SOURCE MATERIAL:
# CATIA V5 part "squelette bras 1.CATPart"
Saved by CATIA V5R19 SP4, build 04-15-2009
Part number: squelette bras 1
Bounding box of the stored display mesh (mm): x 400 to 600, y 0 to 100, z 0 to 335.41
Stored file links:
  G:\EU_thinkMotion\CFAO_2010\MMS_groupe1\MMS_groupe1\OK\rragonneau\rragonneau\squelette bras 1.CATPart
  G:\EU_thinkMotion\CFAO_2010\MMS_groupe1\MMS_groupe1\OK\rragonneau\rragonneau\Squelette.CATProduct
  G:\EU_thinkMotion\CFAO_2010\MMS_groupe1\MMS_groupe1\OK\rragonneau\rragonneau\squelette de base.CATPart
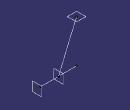
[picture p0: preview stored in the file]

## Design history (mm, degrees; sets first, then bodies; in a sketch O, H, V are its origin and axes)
Parameters
  epaisseur_pneu = 60 mm
Set1
  Line1: type Normal, RefPoint Point1, RefSkin yz-plane, Start -100, End 100
  Line2: type PtPt, FirstPoint Point2, SecondPoint Point1
  Plane1: type OffsetPt, RefPlane yz-plane, RefPoint Point1
  Plane2: type OffsetPt, RefPlane xy-plane, RefPoint Point2
  Plane3: type Offset, RefPlane Plane1, Offset 120 {= epaisseur_pneu*2}
Set2
  Point1: linked copy from another document
  Point2: linked copy from another document
Body1 (main body)
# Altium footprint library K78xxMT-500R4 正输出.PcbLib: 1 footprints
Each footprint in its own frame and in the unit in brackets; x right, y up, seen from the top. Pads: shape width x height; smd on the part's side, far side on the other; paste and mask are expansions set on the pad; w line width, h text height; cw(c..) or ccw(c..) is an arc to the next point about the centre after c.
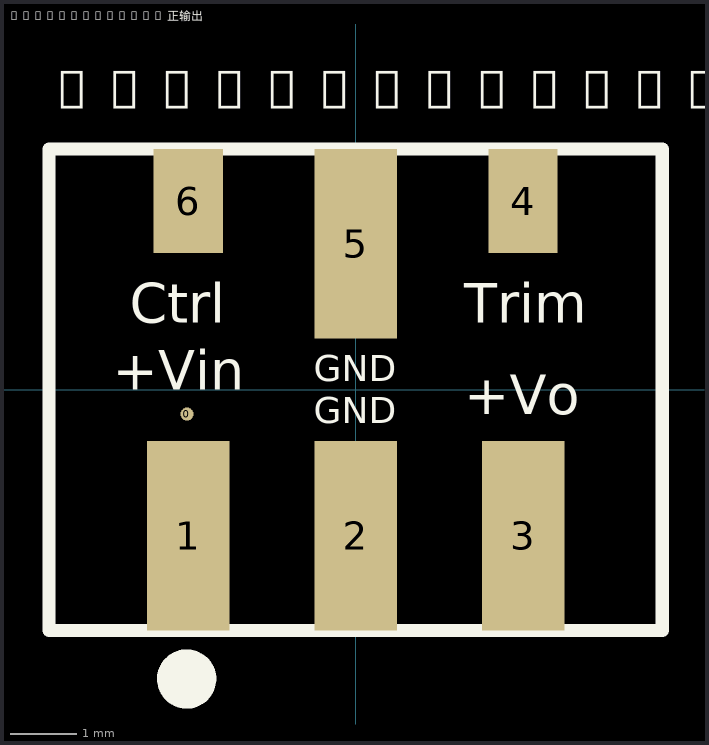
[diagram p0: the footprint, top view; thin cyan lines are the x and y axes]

## K78xxMT-500R4 正输出 [mm]
pads (7):
  round 0.2 smd mask+0.1: 0(-2.557,-0.369)
  rect 1.25x2.87 smd mask+0.102: 1(-2.54,-2.215) 2(0,-2.215) 3(2.54,-2.215) 5(0,2.215)
  rect 1.05x1.58 smd mask+0.102: 4(2.54,2.86) 6(-2.54,2.86)
Top Overlay:
  lines w0.2: -4.65,-3.65 -4.65,3.65 4.65,3.65 4.65,-3.65 -4.65,-3.65
  lines w0.5: -2.373,-4.45 cw(c-2.562,-4.387) -2.364,-4.412
  text "Ctrl" at -3.429,1.016 h0.6
  text "Trim" at 1.651,1.016 h0.6
  text "+Vo" at 1.651,-0.369 h0.6
  text "GND" at -0.635,-0.508 h0.4
  text "+Vin" at -3.683,0 h0.6
  text "K78xxMT-500R4 正输出" at -4.699,4.064 h1
  text "GND" at -0.635,0.127 h0.4

TASK:
Using the data above, transcribe the lines that run from the line with "## Design history" to the line with "# Altium footprint", both ends kept, and output nothing else.

RESULT OF THE TASK:
## Design history (mm, degrees; sets first, then bodies; in a sketch O, H, V are its origin and axes)
Parameters
  epaisseur_pneu = 60 mm
Set1
  Line1: type Normal, RefPoint Point1, RefSkin yz-plane, Start -100, End 100
  Line2: type PtPt, FirstPoint Point2, SecondPoint Point1
  Plane1: type OffsetPt, RefPlane yz-plane, RefPoint Point1
  Plane2: type OffsetPt, RefPlane xy-plane, RefPoint Point2
  Plane3: type Offset, RefPlane Plane1, Offset 120 {= epaisseur_pneu*2}
Set2
  Point1: linked copy from another document
  Point2: linked copy from another document
Body1 (main body)
# Altium footprint library K78xxMT-500R4 正输出.PcbLib: 1 footprints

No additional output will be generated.